──────── Supplied entries ────────

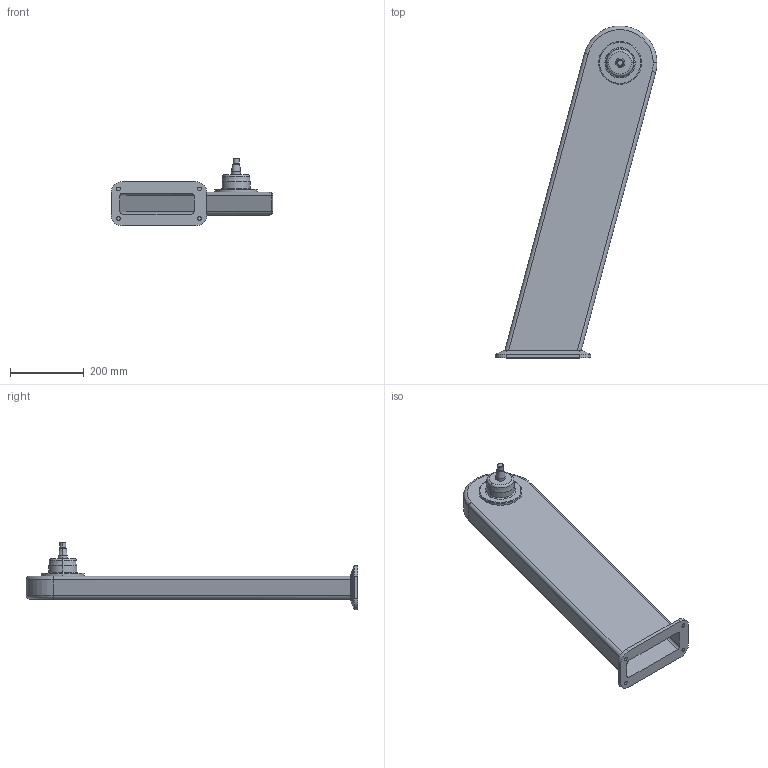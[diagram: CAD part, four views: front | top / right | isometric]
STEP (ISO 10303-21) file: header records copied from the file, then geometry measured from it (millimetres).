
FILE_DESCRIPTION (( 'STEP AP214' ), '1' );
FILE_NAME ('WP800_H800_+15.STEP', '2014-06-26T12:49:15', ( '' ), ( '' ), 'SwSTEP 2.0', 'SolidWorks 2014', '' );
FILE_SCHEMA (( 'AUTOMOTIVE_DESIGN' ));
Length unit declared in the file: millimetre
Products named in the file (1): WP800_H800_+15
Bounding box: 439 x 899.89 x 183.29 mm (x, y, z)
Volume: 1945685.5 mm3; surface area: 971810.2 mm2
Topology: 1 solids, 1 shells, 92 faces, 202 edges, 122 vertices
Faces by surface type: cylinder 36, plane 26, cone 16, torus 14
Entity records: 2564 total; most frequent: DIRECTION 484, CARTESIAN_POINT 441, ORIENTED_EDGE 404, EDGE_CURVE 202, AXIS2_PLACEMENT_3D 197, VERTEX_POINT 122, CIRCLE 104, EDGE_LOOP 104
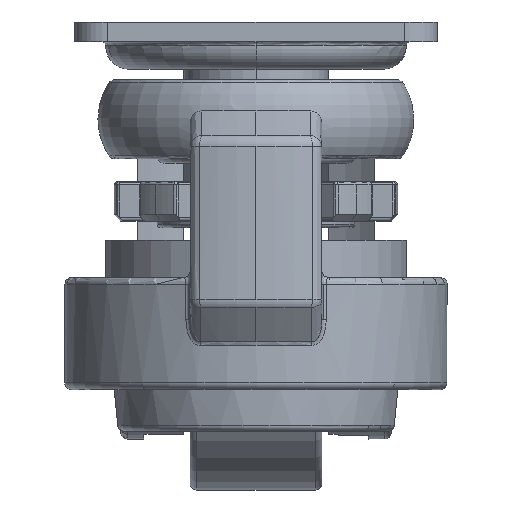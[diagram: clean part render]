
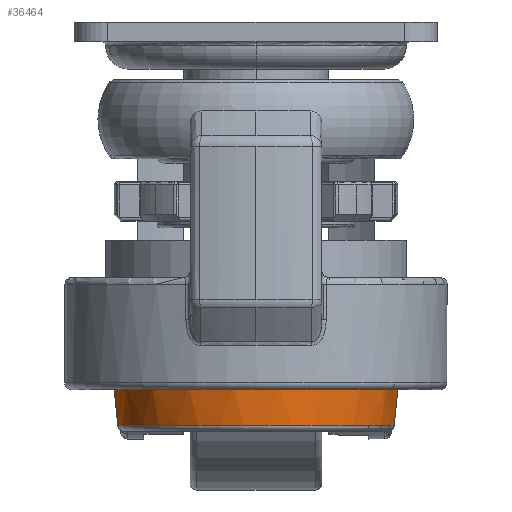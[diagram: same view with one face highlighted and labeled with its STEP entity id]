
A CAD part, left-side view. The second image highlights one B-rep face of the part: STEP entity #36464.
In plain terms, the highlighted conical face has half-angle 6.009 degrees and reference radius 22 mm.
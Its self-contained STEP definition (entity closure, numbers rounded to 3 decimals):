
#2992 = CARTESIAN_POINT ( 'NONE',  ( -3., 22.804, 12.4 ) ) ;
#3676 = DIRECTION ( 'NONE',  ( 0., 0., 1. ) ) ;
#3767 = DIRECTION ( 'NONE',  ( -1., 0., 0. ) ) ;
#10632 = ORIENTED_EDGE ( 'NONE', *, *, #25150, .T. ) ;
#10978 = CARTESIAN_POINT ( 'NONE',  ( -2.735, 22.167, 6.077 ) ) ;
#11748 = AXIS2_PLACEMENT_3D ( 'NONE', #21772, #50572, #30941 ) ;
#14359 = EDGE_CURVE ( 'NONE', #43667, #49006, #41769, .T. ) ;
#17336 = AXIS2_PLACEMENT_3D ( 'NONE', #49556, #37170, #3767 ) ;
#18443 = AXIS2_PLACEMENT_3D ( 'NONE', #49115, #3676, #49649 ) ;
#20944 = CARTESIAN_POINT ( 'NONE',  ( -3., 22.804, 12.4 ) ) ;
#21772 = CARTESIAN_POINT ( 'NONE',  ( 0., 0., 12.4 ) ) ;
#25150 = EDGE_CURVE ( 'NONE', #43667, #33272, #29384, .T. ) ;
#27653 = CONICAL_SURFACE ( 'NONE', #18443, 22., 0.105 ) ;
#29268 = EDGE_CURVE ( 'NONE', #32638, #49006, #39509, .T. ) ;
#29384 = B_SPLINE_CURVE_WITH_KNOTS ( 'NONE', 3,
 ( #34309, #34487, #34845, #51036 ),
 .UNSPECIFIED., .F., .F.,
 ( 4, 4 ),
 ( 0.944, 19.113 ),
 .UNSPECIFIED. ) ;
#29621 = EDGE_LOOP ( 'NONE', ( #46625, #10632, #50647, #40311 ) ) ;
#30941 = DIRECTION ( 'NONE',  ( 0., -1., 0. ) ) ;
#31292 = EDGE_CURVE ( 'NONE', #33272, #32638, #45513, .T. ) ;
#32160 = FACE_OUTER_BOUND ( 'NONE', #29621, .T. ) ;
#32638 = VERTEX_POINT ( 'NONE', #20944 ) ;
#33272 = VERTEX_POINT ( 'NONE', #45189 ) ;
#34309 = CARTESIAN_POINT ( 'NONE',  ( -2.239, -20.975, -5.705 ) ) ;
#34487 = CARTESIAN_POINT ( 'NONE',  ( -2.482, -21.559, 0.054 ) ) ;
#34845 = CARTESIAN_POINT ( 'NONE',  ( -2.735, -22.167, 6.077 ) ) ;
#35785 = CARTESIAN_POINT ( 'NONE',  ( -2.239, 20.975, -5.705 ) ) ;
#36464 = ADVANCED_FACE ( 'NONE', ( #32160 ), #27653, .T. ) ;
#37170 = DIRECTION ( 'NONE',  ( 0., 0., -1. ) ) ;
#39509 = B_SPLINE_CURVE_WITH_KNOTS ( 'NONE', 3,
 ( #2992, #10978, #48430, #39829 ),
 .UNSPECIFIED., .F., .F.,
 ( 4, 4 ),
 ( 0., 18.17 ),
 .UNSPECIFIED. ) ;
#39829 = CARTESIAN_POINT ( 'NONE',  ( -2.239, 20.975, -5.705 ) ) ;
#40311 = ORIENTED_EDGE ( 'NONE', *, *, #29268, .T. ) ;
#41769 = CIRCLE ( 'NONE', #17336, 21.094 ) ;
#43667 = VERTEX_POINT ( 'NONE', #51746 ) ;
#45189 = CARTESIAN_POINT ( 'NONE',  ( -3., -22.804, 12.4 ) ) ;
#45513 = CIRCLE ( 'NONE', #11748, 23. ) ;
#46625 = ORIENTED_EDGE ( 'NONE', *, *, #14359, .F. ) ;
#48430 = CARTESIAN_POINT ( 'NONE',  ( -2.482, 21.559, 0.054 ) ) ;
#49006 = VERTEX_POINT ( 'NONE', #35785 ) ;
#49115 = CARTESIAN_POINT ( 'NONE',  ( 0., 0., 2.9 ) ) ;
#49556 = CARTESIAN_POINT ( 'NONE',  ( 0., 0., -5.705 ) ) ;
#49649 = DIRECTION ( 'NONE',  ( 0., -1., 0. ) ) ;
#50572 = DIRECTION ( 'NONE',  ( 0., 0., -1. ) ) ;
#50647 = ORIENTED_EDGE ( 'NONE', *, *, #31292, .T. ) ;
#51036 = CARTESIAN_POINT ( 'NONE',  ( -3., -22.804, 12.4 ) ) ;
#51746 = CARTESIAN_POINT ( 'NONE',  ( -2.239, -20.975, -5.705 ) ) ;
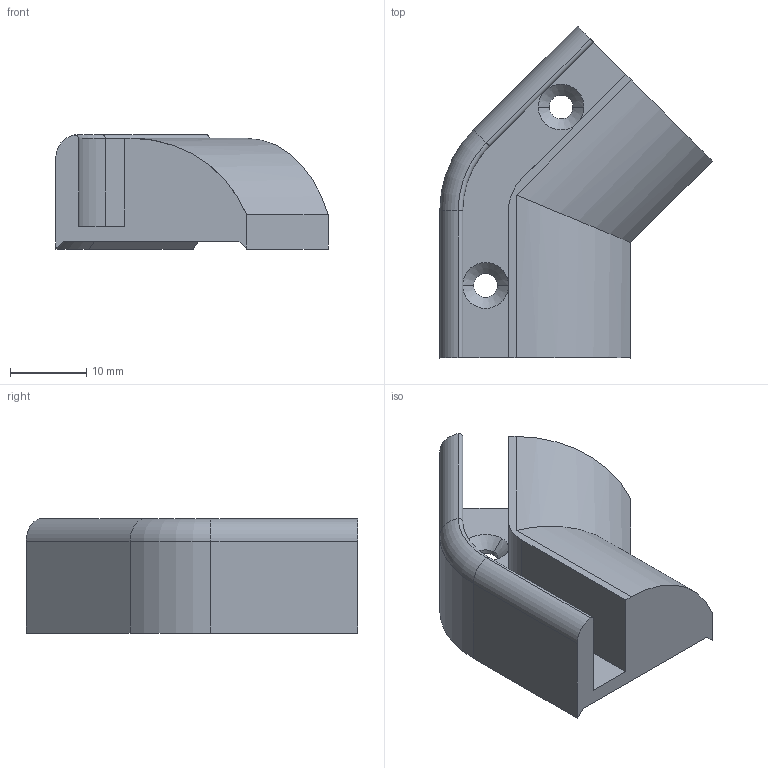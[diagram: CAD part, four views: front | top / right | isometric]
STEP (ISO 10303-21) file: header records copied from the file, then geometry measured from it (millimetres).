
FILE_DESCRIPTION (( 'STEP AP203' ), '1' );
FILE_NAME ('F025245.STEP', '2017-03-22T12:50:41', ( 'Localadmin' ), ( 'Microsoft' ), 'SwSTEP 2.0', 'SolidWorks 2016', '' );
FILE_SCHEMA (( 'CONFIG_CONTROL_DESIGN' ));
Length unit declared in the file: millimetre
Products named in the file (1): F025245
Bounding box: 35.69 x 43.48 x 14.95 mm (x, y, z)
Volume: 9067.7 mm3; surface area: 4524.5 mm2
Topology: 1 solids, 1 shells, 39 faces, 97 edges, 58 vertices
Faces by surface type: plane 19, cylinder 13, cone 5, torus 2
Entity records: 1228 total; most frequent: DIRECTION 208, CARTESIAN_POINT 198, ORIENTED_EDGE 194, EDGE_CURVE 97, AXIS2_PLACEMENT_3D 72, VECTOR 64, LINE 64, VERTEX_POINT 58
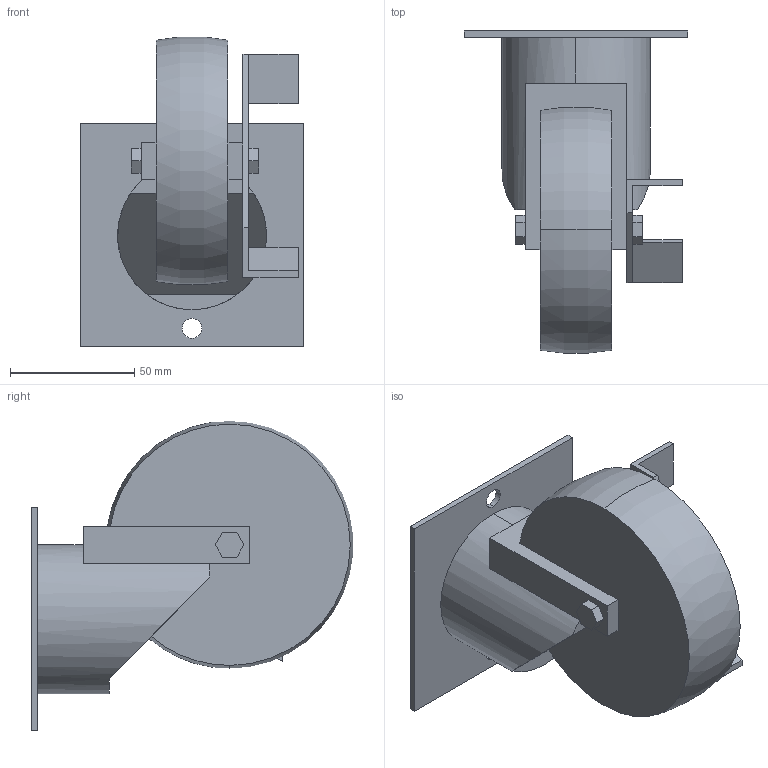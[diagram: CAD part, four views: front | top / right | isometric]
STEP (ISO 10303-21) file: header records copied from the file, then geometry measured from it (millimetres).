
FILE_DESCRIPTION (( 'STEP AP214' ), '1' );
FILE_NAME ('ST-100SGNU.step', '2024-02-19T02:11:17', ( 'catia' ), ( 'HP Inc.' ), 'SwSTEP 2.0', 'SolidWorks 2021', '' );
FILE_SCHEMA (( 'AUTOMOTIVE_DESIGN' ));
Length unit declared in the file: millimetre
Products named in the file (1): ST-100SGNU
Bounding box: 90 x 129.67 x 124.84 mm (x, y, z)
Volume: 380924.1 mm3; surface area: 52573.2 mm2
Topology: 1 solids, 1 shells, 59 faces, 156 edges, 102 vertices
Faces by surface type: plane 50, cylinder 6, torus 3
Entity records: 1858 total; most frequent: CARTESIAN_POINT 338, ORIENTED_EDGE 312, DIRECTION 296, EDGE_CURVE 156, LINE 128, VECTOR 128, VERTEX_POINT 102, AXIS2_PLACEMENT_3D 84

────────

#### The problem:
Go through the records above and return each line in which the word "cylinder" occurs.

#### Solution to this problem:
Faces by surface type: cylinder 36, plane 26, cone 16, torus 14
Faces by surface type: plane 19, cylinder 13, cone 5, torus 2
Faces by surface type: plane 50, cylinder 6, torus 3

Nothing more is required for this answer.